Теперь Аксиманд отвернулся от буколической панорамы Тижуна и кивнул своим боевым братьям.
— Морниваль, — сказал он. — Магистр войны призывает нас.
Морниваль. Восстановленный. Впрочем, он никогда и не пропадал, лишь временно раскололся.
Аксиманд шел рядом с Эзекилем Абаддоном. В своем шипастом боевом доспехе Первый капитан Сынов Хоруса на голову превосходил Аксиманда ростом. В его движениях читалась агрессивная дикость, его грубо вытесанные черты лица подчеркивали выступающие скулы. На его черепе не было волос; исключение составлял лишь лоснящийся черный пучок, торчащий на темени, словно племенной фетиш.
Они с Абаддоном были ветеранами, входили в Морниваль еще до того, как Галактика сошла с резьбы и рывком повернулась в другую сторону. Они проливали кровь на сотне миров во имя Императора и во многих сотнях других — во имя магистра войны.
И когда-то они смеялись, сражаясь.
Двое новых членов Морниваля шагали рядом со своими рекомендателями. Отраженный свет луны Двелла рисовал на их шлемах полумесяцы. Один из них был известным воином, другой — сержантом, снискавшим себе репутацию во время катастрофы при падении Двелла.
Головорез Кибре командовал терминаторами-юстаэринцами. Один из людей Абаддона и истинный сын. Кибре был опытен и проверен в бою, но Грааль Ноктюа из Заколдованных был новичком в легионе. Воин обладал разумом, похожим на стальной капкан, и Абаддон сравнивал его ум с неторопливым клинком.
С появлением Кибре на одну чашу Морниваля лег тяжкий груз гневливости. Аксиманд надеялся, что это уравновесится присутствием флегматичного Ноктюа. Благосклонность, которую Аксиманд проявлял к сержанту, вызывала у некоторых ворчание, однако Двелл заставил их всех умолкнуть.

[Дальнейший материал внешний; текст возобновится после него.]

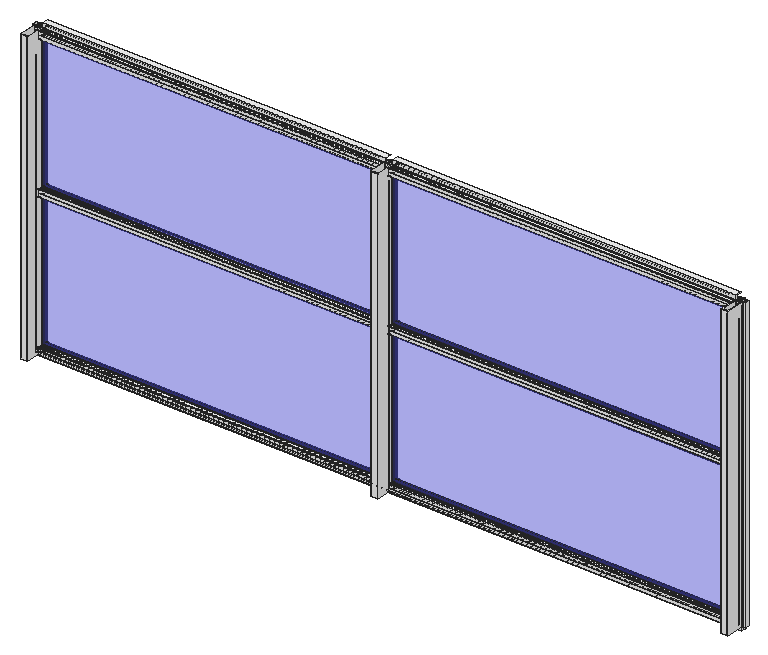
Revit family "Facade_60_Curtain_Wall_E22_Standard", category Windows, host Wall, Revit 2014 (continued)
Definition of nested family "F60 Vertical Profile Middle_E22_Std"
  Parameters (values of type "F60 Vertical Profile Middle")
    Half SG Expansion Break [instance] = if(and(Half Expansion Break, Single Glazing), 1 = 1, 1 = 0)  # yes
    Half Length [instance] = Length / 2  # 125 mm
    Half Expansion Break [instance] = yes
    Half DG Expansion Break [instance] = if(and(Half Expansion Break, Double Glazing), 1 = 1, 1 = 0)  # yes
    Half 190mm Expansion Joint [instance] = if(and(Half Expansion Break, [190mm Mullion]), 1 = 1, 1 = 0)  # yes
    Half 160mm Expansion Break [instance] = if(and(Half Expansion Break, [160mm Mullion]), 1 = 1, 1 = 0)  # yes
    Half 100mm Expansion Break [instance] = if(and(Half Expansion Break, [100mm Mullion]), 1 = 1, 1 = 0)  # yes
    Double Glazing [instance] = yes
    190mm Mullion [instance] = yes
    160mm Mullion [instance] = yes
    100mm Mullion [instance] = yes
  Reference planes
    plane 1 "Center (Front/Back)": y = 0
    plane 2: z = 0
    plane 3 "Center (Left/Right)": x = 0
  Forms (mm)
    Extrusion 1, solid, material <- "Profile Material"
      sketch origin (0, 0, 0) x (1, 0, 0) y (0, 1, 0)
        loop
          arc (25.249, -8.7) -> (25.484, -9.266) -> (26.049, -9.5) r 0.8
          line (26.049, -9.5) -> (27.1, -9.5) -> (27.1, 7) -> (32.902, 7) -> (32.902, -9.5) -> (33.951, -9.5)
          arc (33.951, -9.5) -> (34.516, -9.266) -> (34.751, -8.7) r 0.8
          line (34.751, -8.7) -> (34.751, 6.2)
          arc (34.751, 6.2) -> (34.985, 6.766) -> (35.551, 7) r 0.8
          line (35.551, 7) -> (52.1, 7) -> (52.1, 5.4) -> (50.55, 5.4) -> (50.55, 4.55)
          arc (50.55, 4.55) -> (50.726, 4.126) -> (51.15, 3.95) r 0.6
          line (51.15, 3.95) -> (52.1, 3.95) -> (52.1, 1)
          arc (52.1, 1) -> (51.6, 0.5) -> (52.1, 0) r 0.5
          line (52.1, 0) -> (54.45, 0) -> (54.45, 1.15) -> (53.3, 1.15) -> (53.3, 2.45) -> (58.8, 2.45) -> (58.8, 1.15) -> (57.65, 1.15) -> (57.65, 0) -> (59.5, 0)
          arc (59.5, 0) -> (59.854, 0.146) -> (60, 0.5) r 0.5
          line (60, 0.5) -> (60, 3.9) -> (53.55, 3.9) -> (53.55, 7.6)
          arc (53.55, 7.6) -> (53.316, 8.166) -> (52.75, 8.4) r 0.8
          line (52.75, 8.4) -> (30, 8.4) -> (7.25, 8.4)
          arc (7.25, 8.4) -> (6.684, 8.166) -> (6.45, 7.6) r 0.8
          line (6.45, 7.6) -> (6.45, 3.9) -> (0, 3.9) -> (0, 0.5)
          arc (0, 0.5) -> (0.146, 0.146) -> (0.5, 0) r 0.5
          line (0.5, 0) -> (2.35, 0) -> (2.35, 1.15) -> (1.2, 1.15) -> (1.2, 2.45) -> (6.7, 2.45) -> (6.7, 1.15) -> (5.55, 1.15) -> (5.55, 0) -> (7.9, 0)
          arc (7.9, 0) -> (8.4, 0.5) -> (7.9, 1) r 0.5
          line (7.9, 1) -> (7.9, 3.95) -> (8.85, 3.95)
          arc (8.85, 3.95) -> (9.274, 4.126) -> (9.45, 4.55) r 0.6
          line (9.45, 4.55) -> (9.45, 5.4) -> (7.9, 5.4) -> (7.9, 7) -> (24.449, 7)
          arc (24.449, 7) -> (25.015, 6.766) -> (25.249, 6.2) r 0.8
          line (25.249, 6.2) -> (25.249, -8.7)
      from 0 to 250 <- "Length"
    Extrusion 2, solid, material <- "Thermal Break Material"
      sketch origin (0, 0, 0) x (1, 0, 0) y (0, 1, 0)
        loop
          line (1.75, 9.8) -> (1.75, 5.2) -> (0, 5.2) -> (0, 3.9) -> (6.35, 3.9) -> (6.35, 7.856)
          arc (6.35, 7.856) -> (6.526, 8.281) -> (6.95, 8.456) r 0.6
          line (6.95, 8.456) -> (30, 8.456) -> (53.05, 8.456)
          arc (53.05, 8.456) -> (53.474, 8.281) -> (53.65, 7.856) r 0.6
          line (53.65, 7.856) -> (53.65, 3.9) -> (60, 3.9) -> (60, 5.2) -> (58.25, 5.2) -> (58.25, 9.8) -> (30, 9.8) -> (1.75, 9.8)
      from 0 to 250 <- "Length"
    Extrusion 3, solid, material <- "Thermal Break Material", visible <- "Single Glazing"
      sketch origin (0, 0, 0) x (1, 0, 0) y (0, 1, 0)
        loop
          line (25.749, -14.011) -> (27.672, -14.011) -> (28.481, -12.611) -> (31.518, -12.611) -> (32.327, -14.011) -> (34.249, -14.011)
          arc (34.249, -14.011) -> (34.603, -13.864) -> (34.749, -13.511) r 0.5
          line (34.749, -13.511) -> (34.749, -10.011)
          arc (34.749, -10.011) -> (34.603, -9.657) -> (34.249, -9.511) r 0.5
          line (34.249, -9.511) -> (32.352, -9.511) -> (32.352, 0.19) -> (31.349, 2.261)
          arc (31.349, 2.261) -> (29.999, 2.986) -> (28.649, 2.261) r 1.62
          line (28.649, 2.261) -> (27.647, 0.19) -> (27.647, -9.511) -> (25.749, -9.511)
          arc (25.749, -9.511) -> (25.396, -9.657) -> (25.249, -10.011) r 0.5
          line (25.249, -10.011) -> (25.249, -13.511)
          arc (25.249, -13.511) -> (25.396, -13.864) -> (25.749, -14.011) r 0.5
        loop
          line (28.504, -10.005) -> (28.504, -10.861)
          arc (28.504, -10.861) -> (28.651, -11.214) -> (29.004, -11.361) r 0.5
          line (29.004, -11.361) -> (30.994, -11.361)
          arc (30.994, -11.361) -> (31.348, -11.214) -> (31.494, -10.861) r 0.5
          line (31.494, -10.861) -> (31.494, -10.005) -> (30.708, -9.219)
          arc (30.708, -9.219) -> (30.383, -9.001) -> (29.999, -8.924) r 1.007
          arc (29.999, -8.924) -> (29.616, -8.999) -> (29.292, -9.217) r 0.986
          line (29.292, -9.217) -> (28.504, -10.005)
        loop
          arc (30.896, 1.935) -> (29.887, 2.44) -> (29.005, 1.735) r 1.047
          line (29.005, 1.735) -> (28.347, 0.374) -> (28.347, -6.993)
          arc (28.347, -6.993) -> (28.583, -7.417) -> (29.068, -7.441) r 0.5
          arc (29.068, -7.441) -> (29.999, -7.223) -> (30.93, -7.441) r 2.099
          arc (30.93, -7.441) -> (31.416, -7.417) -> (31.652, -6.993) r 0.5
          line (31.652, -6.993) -> (31.652, 0.374) -> (30.896, 1.935)
      from 0 to 250 <- "Length"
    Extrusion 4, solid, material <- "Profile Material", visible <- "Single Glazing"
      sketch origin (0, 0, 0) x (1, 0, 0) y (0, 1, 0)
        loop
          line (52.693, -14.011) -> (32.327, -14.011) -> (31.519, -12.611) -> (28.481, -12.611) -> (27.673, -14.011) -> (7.307, -14.011) -> (7.307, -15.011) -> (8.457, -15.011) -> (8.457, -16.261) -> (2.957, -16.261) -> (2.957, -15.011) -> (4.107, -15.011) -> (4.107, -14.011) -> (1.707, -14.011)
          arc (1.707, -14.011) -> (1.199, -14.293) -> (1.168, -14.873) r 0.6
          line (1.168, -14.873) -> (2.093, -16.772) -> (1.015, -17.298) -> (1.484, -18.261) -> (11.488, -18.261)
          arc (11.488, -18.261) -> (11.913, -18.085) -> (12.088, -17.661) r 0.6
          line (12.088, -17.661) -> (12.088, -16.811) -> (47.912, -16.811) -> (47.912, -17.661)
          arc (47.912, -17.661) -> (48.088, -18.085) -> (48.512, -18.261) r 0.6
          line (48.512, -18.261) -> (58.518, -18.261) -> (58.987, -17.298) -> (57.908, -16.772) -> (58.834, -14.874)
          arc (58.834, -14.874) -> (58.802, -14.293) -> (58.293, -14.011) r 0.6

Вместе с двумя новыми братьями Аксиманд и Абаддон шли к центральному залу Мавзолитики, откликаясь на зов магистра войны.
— Думаете, будет приказ о мобилизации? — спросил Ноктюа.
Как и всем им, ему не терпелось получить свободу. Война здесь давно закончилась, и, если не считать нескольких вылазок за пределы системы, основная масса легиона оставалась на месте, пока примарх уединялся с мертвыми.
— Возможно, — отозвался Аксиманд (ему не хотелось строить домыслы относительно мотивов магистра войны остаться на Двелле). — Скоро узнаем.
— Мы должны двигаться, — произнес Кибре. — Война набирает обороты, а мы бездействуем.
Абаддон остановился и ткнул рукой в центр нагрудника Головореза.
— Думаешь, будто знаешь о ходе войны больше, чем твой примарх?
Кибре покачал головой:
— Конечно, нет. Я просто…
— Первый урок Морниваля, — сказал Аксиманд. — Никогда не решай за Луперкаля.
— Я за него и не решал, — огрызнулся Кибре.
— Хорошо, — произнес Аксиманд. — Значит, сегодня ты усвоил нечто важное. Может быть, магистр войны нашел то, что ему было нужно, а может, нет. Может быть, мы получим приказ о мобилизации, а может, нет.
Кибре кивнул. Аксиманд видел, как тот силится обуздать свой бешеный нрав.
— Как скажешь, Маленький Хорус. Расплавленное ядро Хтонии, что горит в каждом из нас, бурлит во мне сильнее, чем во всех остальных.
Аксиманд усмехнулся, хотя это прозвучало непривычно. Мышцы двигались под кожей немного иначе.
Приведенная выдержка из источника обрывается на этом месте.